Ohne die Hintergründe zu kennen, hat mich diese Veranstaltung persönlich sehr interessiert – es ist wichtig gegen das Vergessen anzukämpfen, aufzuklären, die Überlebenden zu ehren und ihnen die Möglichkeit zu geben ihre Geschichte zu erzählen, wenn sie es gerne möchten.

Doch was ich dann über diese Feierlichkeiten lesen musste, entsetzte mich zutiefst und bestürzt mich immer noch: In einem sogenannten „Zelt der Begegnungen“ sollten die Überlebenden mit anderen Gästen ins Gespräch kommen. Stattdessen, so berichteten ehrenamtliche Helfer, wurden die polnischen Gäste ganz anders behandelt: erschreckend schlecht, herabgesetzt und meiner Meinung nach schlichtweg demütigend.

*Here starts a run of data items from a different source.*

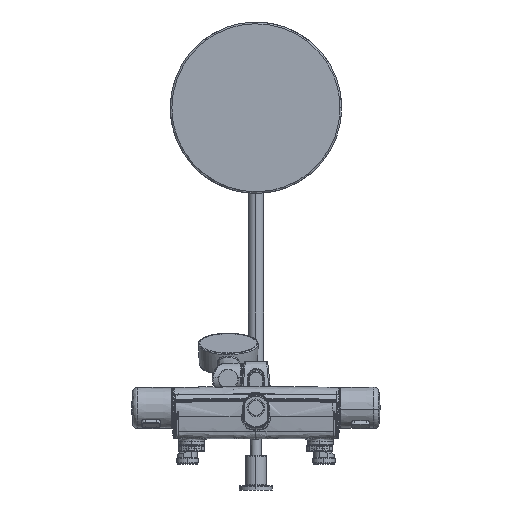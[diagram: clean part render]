
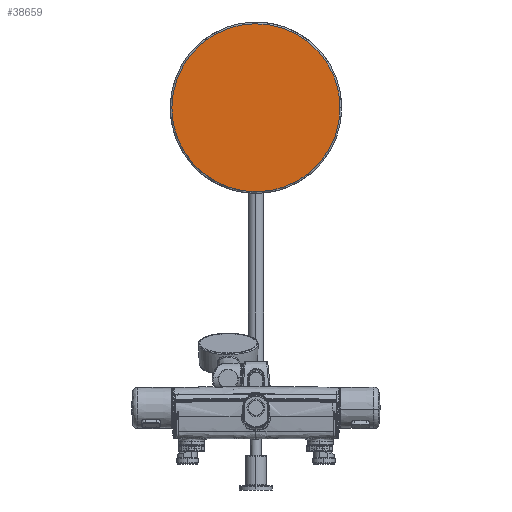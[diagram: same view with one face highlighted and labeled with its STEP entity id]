
A CAD part, front view. The second image highlights one B-rep face of the part: STEP entity #38659.
In plain terms, the highlighted planar face has unit normal (0, -1, 0).
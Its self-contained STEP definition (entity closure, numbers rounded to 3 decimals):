
#1442 = VERTEX_POINT ( 'NONE', #44466 ) ;
#1638 = CARTESIAN_POINT ( 'NONE',  ( -31.577, 984.9, 442.995 ) ) ;
#2416 = CARTESIAN_POINT ( 'NONE',  ( 64.761, 984.9, 423.832 ) ) ;
#2609 = CARTESIAN_POINT ( 'NONE',  ( 94.866, 984.9, 375.41 ) ) ;
#3928 = CARTESIAN_POINT ( 'NONE',  ( 73.832, 984.9, 285.239 ) ) ;
#4121 = CARTESIAN_POINT ( 'NONE',  ( -25.41, 984.9, 255.134 ) ) ;
#6323 = CARTESIAN_POINT ( 'NONE',  ( -6.414, 984.9, 448. ) ) ;
#7105 = CARTESIAN_POINT ( 'NONE',  ( 85.048, 984.9, 399.113 ) ) ;
#7241 = B_SPLINE_CURVE_WITH_KNOTS ( 'NONE', 3,
 ( #28379, #52859, #10820, #48146, #39379, #20778, #20586, #11406, #57535, #20203, #29570, #16085, #25476, #1638, #34278, #39015, #6323, #11013, #15707, #20390, #53052, #25099, #35251, #21380, #2416, #44414, #39980, #7105, #40364, #21573, #2609, #7291, #54402, #25870 ),
 .UNSPECIFIED., .F., .F.,
 ( 4, 2, 2, 2, 2, 2, 2, 2, 2, 2, 2, 2, 2, 2, 2, 2, 4 ),
 ( 0.5, 0.531, 0.563, 0.594, 0.625, 0.656, 0.688, 0.719, 0.75, 0.781, 0.813, 0.844, 0.875, 0.906, 0.938, 0.969, 1. ),
 .UNSPECIFIED. ) ;
#7291 = CARTESIAN_POINT ( 'NONE',  ( 97.368, 984.9, 362.828 ) ) ;
#8589 = CARTESIAN_POINT ( 'NONE',  ( 59.779, 984.9, 272.079 ) ) ;
#10820 = CARTESIAN_POINT ( 'NONE',  ( -97.368, 984.9, 362.828 ) ) ;
#11013 = CARTESIAN_POINT ( 'NONE',  ( 6.414, 984.9, 448. ) ) ;
#11150 = ORIENTED_EDGE ( 'NONE', *, *, #22858, .F. ) ;
#11406 = CARTESIAN_POINT ( 'NONE',  ( -77.921, 984.9, 409.779 ) ) ;
#13481 = CARTESIAN_POINT ( 'NONE',  ( 98., 984.9, 350. ) ) ;
#13884 = CARTESIAN_POINT ( 'NONE',  ( 85.048, 984.9, 300.887 ) ) ;
#14305 = CARTESIAN_POINT ( 'NONE',  ( -97.368, 984.9, 337.172 ) ) ;
#15179 = EDGE_CURVE ( 'NONE', #18898, #1442, #26753, .T. ) ;
#15707 = CARTESIAN_POINT ( 'NONE',  ( 12.828, 984.9, 447.368 ) ) ;
#16085 = CARTESIAN_POINT ( 'NONE',  ( -49.113, 984.9, 435.048 ) ) ;
#16624 = CARTESIAN_POINT ( 'NONE',  ( 98., 984.9, 350. ) ) ;
#17219 = AXIS2_PLACEMENT_3D ( 'NONE', #27127, #36113, #22437 ) ;
#18898 = VERTEX_POINT ( 'NONE', #16624 ) ;
#20203 = CARTESIAN_POINT ( 'NONE',  ( -64.761, 984.9, 423.832 ) ) ;
#20390 = CARTESIAN_POINT ( 'NONE',  ( 25.41, 984.9, 444.866 ) ) ;
#20586 = CARTESIAN_POINT ( 'NONE',  ( -85.048, 984.9, 399.113 ) ) ;
#20778 = CARTESIAN_POINT ( 'NONE',  ( -88.086, 984.9, 393.429 ) ) ;
#21380 = CARTESIAN_POINT ( 'NONE',  ( 59.779, 984.9, 427.921 ) ) ;
#21573 = CARTESIAN_POINT ( 'NONE',  ( 92.995, 984.9, 381.577 ) ) ;
#22437 = DIRECTION ( 'NONE',  ( 1., 0., 0. ) ) ;
#22684 = CARTESIAN_POINT ( 'NONE',  ( 64.761, 984.9, 276.168 ) ) ;
#22858 = EDGE_CURVE ( 'NONE', #1442, #18898, #7241, .T. ) ;
#22897 = CARTESIAN_POINT ( 'NONE',  ( 49.113, 984.9, 264.952 ) ) ;
#23090 = CARTESIAN_POINT ( 'NONE',  ( 98., 984.9, 343.586 ) ) ;
#25066 = ORIENTED_EDGE ( 'NONE', *, *, #15179, .F. ) ;
#25099 = CARTESIAN_POINT ( 'NONE',  ( 43.429, 984.9, 438.086 ) ) ;
#25127 = CARTESIAN_POINT ( 'NONE',  ( -77.921, 984.9, 290.221 ) ) ;
#25476 = CARTESIAN_POINT ( 'NONE',  ( -43.429, 984.9, 438.086 ) ) ;
#25870 = CARTESIAN_POINT ( 'NONE',  ( 98., 984.9, 350. ) ) ;
#26753 = B_SPLINE_CURVE_WITH_KNOTS ( 'NONE', 3,
 ( #13481, #23090, #50425, #32060, #55094, #27162, #13884, #59807, #3928, #22684, #8589, #22897, #55301, #32260, #46330, #41644, #55725, #60429, #27370, #4121, #55505, #37178, #32475, #38844, #39045, #57759, #25127, #56342, #51676, #28601, #28387, #14305, #29795, #48174 ),
 .UNSPECIFIED., .F., .F.,
 ( 4, 2, 2, 2, 2, 2, 2, 2, 2, 2, 2, 2, 2, 2, 2, 2, 4 ),
 ( 0., 0.031, 0.063, 0.094, 0.125, 0.156, 0.188, 0.219, 0.25, 0.281, 0.312, 0.344, 0.375, 0.406, 0.437, 0.469, 0.5 ),
 .UNSPECIFIED. ) ;
#27127 = CARTESIAN_POINT ( 'NONE',  ( 0., 984.9, 350. ) ) ;
#27162 = CARTESIAN_POINT ( 'NONE',  ( 88.086, 984.9, 306.571 ) ) ;
#27370 = CARTESIAN_POINT ( 'NONE',  ( -12.828, 984.9, 252.632 ) ) ;
#28379 = CARTESIAN_POINT ( 'NONE',  ( -98., 984.9, 350. ) ) ;
#28387 = CARTESIAN_POINT ( 'NONE',  ( -94.866, 984.9, 324.59 ) ) ;
#28601 = CARTESIAN_POINT ( 'NONE',  ( -92.995, 984.9, 318.423 ) ) ;
#29570 = CARTESIAN_POINT ( 'NONE',  ( -59.779, 984.9, 427.921 ) ) ;
#29795 = CARTESIAN_POINT ( 'NONE',  ( -98., 984.9, 343.586 ) ) ;
#32060 = CARTESIAN_POINT ( 'NONE',  ( 94.866, 984.9, 324.59 ) ) ;
#32260 = CARTESIAN_POINT ( 'NONE',  ( 31.577, 984.9, 257.005 ) ) ;
#32475 = CARTESIAN_POINT ( 'NONE',  ( -49.113, 984.9, 264.952 ) ) ;
#34278 = CARTESIAN_POINT ( 'NONE',  ( -25.41, 984.9, 444.866 ) ) ;
#35251 = CARTESIAN_POINT ( 'NONE',  ( 49.113, 984.9, 435.048 ) ) ;
#36113 = DIRECTION ( 'NONE',  ( 0., 1., 0. ) ) ;
#37178 = CARTESIAN_POINT ( 'NONE',  ( -43.429, 984.9, 261.914 ) ) ;
#38659 = ADVANCED_FACE ( 'NONE', ( #56384 ), #45871, .F. ) ;
#38844 = CARTESIAN_POINT ( 'NONE',  ( -59.779, 984.9, 272.079 ) ) ;
#39015 = CARTESIAN_POINT ( 'NONE',  ( -12.828, 984.9, 447.368 ) ) ;
#39045 = CARTESIAN_POINT ( 'NONE',  ( -64.761, 984.9, 276.168 ) ) ;
#39379 = CARTESIAN_POINT ( 'NONE',  ( -92.995, 984.9, 381.577 ) ) ;
#39980 = CARTESIAN_POINT ( 'NONE',  ( 77.921, 984.9, 409.779 ) ) ;
#40364 = CARTESIAN_POINT ( 'NONE',  ( 88.086, 984.9, 393.429 ) ) ;
#41644 = CARTESIAN_POINT ( 'NONE',  ( 12.828, 984.9, 252.632 ) ) ;
#44414 = CARTESIAN_POINT ( 'NONE',  ( 73.832, 984.9, 414.761 ) ) ;
#44466 = CARTESIAN_POINT ( 'NONE',  ( -98., 984.9, 350. ) ) ;
#45871 = PLANE ( 'NONE',  #17219 ) ;
#46330 = CARTESIAN_POINT ( 'NONE',  ( 25.41, 984.9, 255.134 ) ) ;
#48146 = CARTESIAN_POINT ( 'NONE',  ( -94.866, 984.9, 375.41 ) ) ;
#48174 = CARTESIAN_POINT ( 'NONE',  ( -98., 984.9, 350. ) ) ;
#50425 = CARTESIAN_POINT ( 'NONE',  ( 97.368, 984.9, 337.172 ) ) ;
#51676 = CARTESIAN_POINT ( 'NONE',  ( -88.086, 984.9, 306.571 ) ) ;
#51859 = EDGE_LOOP ( 'NONE', ( #25066, #11150 ) ) ;
#52859 = CARTESIAN_POINT ( 'NONE',  ( -98., 984.9, 356.414 ) ) ;
#53052 = CARTESIAN_POINT ( 'NONE',  ( 31.577, 984.9, 442.995 ) ) ;
#54402 = CARTESIAN_POINT ( 'NONE',  ( 98., 984.9, 356.414 ) ) ;
#55094 = CARTESIAN_POINT ( 'NONE',  ( 92.995, 984.9, 318.423 ) ) ;
#55301 = CARTESIAN_POINT ( 'NONE',  ( 43.429, 984.9, 261.914 ) ) ;
#55505 = CARTESIAN_POINT ( 'NONE',  ( -31.577, 984.9, 257.005 ) ) ;
#55725 = CARTESIAN_POINT ( 'NONE',  ( 6.414, 984.9, 252. ) ) ;
#56342 = CARTESIAN_POINT ( 'NONE',  ( -85.048, 984.9, 300.887 ) ) ;
#56384 = FACE_OUTER_BOUND ( 'NONE', #51859, .T. ) ;
#57535 = CARTESIAN_POINT ( 'NONE',  ( -73.832, 984.9, 414.761 ) ) ;
#57759 = CARTESIAN_POINT ( 'NONE',  ( -73.832, 984.9, 285.239 ) ) ;
#59807 = CARTESIAN_POINT ( 'NONE',  ( 77.921, 984.9, 290.221 ) ) ;
#60429 = CARTESIAN_POINT ( 'NONE',  ( -6.414, 984.9, 252. ) ) ;

So saßen die sogenannten Ehrengäste an reich gedeckten Tafeln, mit Porzellangeschirr und Kellnern die sie bedienten, während die betagten Damen und Herren an Holztischen sitzen, aus Plastikgeschirr essen und sich mit Essensmarken für ihr Essen anstellen müssen.

Beschämend! Das ist mein erster Gedanke. Wie kann man Menschen, die so viel durch gemacht haben und EINGELADEN werden, um dieser schlimmen Zeit zu gedenken, so herabsetzen? Wie zynisch kann ein Veranstalter sein, um die Politprominenz von vorne bis hinten zu bedienen, während Damen und Herren in hohem Alter am Nebentisch aus Plastikschüsseln essen müssen? Haben sich die Ehrengäste nicht geschämt? Ist keiner von ihnen auf die Idee gekommen, dass in diesem Moment etwas schief gelaufen ist? Wo bleibt der nötige und wichtige Respekt diesen Menschen gegenüber?

Ich bin wütend. Ich schäme mich in Grund und Boden, dabei habe ich persönlich nicht zu dieser Situation beigetragen. Ich fühle mich schlichtweg ohnmächtig gegenüber so viel Arroganz und Ignoranz. Ich kann nicht verstehen, wie die anwesenden Politiker nicht reagiert und protestiert haben. Sie haben versagt. Meiner Meinung nach hätten an diesem Tag des Gedenkens die Damen und Herren, die das KZ Ravensbrück überlebt haben, die Ehrengäste sein müssen – sie hätten an einer reich gedeckten Tafel sitzen sollen, bedient von Kellnern und geehrt durch die Politiker. Der mangelnde Respekt und die fehlende Einsicht von allen Anwesenden entsetzen mich. Wo bleibt das Mitgefühl? Wo bleibt Verständnis und der Blick für Gerechtigkeit?

Es kann nicht sein, dass ehrenamtliche Helfer vor Bestürzung und Scham erstarren, dass einige sagen sie hatten Tränen in den Augen beim Anblick dieser unverschämten Respektlosigkeit. Jakob Wischinowski, der als ehrenamtlicher Helfer vor Ort war, berichtet „der Welt“, dass ein Kollege zu einem der Promi- Tische gegangen sei und gesagt habe: „Sie sollten sich schämen, sich an diese Tische zu setzen“. Darauf reagiert haben die sogenannten Ehrengäste jedoch nicht, so Wishinowski.

Diesen Satz kann ich nur wiederholen und ich lege meine ganze Wut, meine Enttäuschung und das Gefühl von Ohnmacht, welches ich bei diesem Thema empfinde, in diesen Satz hinein: „Schämen Sie sich!“.

Die Männer und Frauen die angereist waren um als Überlebende an dieser Gedenkfeier teilzunehmen, verdienen eine solche Behandlung nicht. Sie verdienen Respekt, sie verdienen Hochachtung und sie verdienen Wertschätzung.

Das Mindeste das ich erwarte, ist eine Entschuldigung der sogenannten Ehrengästen und dem Veranstalter gegenüber den eingeladene Holocaustüberlebenden für ein solch unpassendes, respektloses Verhalten.

 


Über den/die Autor*in

Mein Name ist Nanda, ich bin 23 Jahre alt und komme aus Viernheim. Ich studiere Politikwissenschaft und öffentliches Recht in Mannheim und bin erste Vorsitzende der Jusos Viernheim, sowie stellvertretende Vorsitzende der Jusos Bergstraße.



One Response to Hinter den Kulissen einer Gedenkveranstaltung – ein Leserbrief

  1. Fritz Basseng says:

    Großes
    Danke!!!
    für diesen Bericht!!

    Aus diesem Blickwinkel habe ich diese Veransstaltungen leider auch nicht betrachtet!!!

    Aber Du hast vollkommen recht!!

    Auch ich schäme mich für mein Unverständnis!!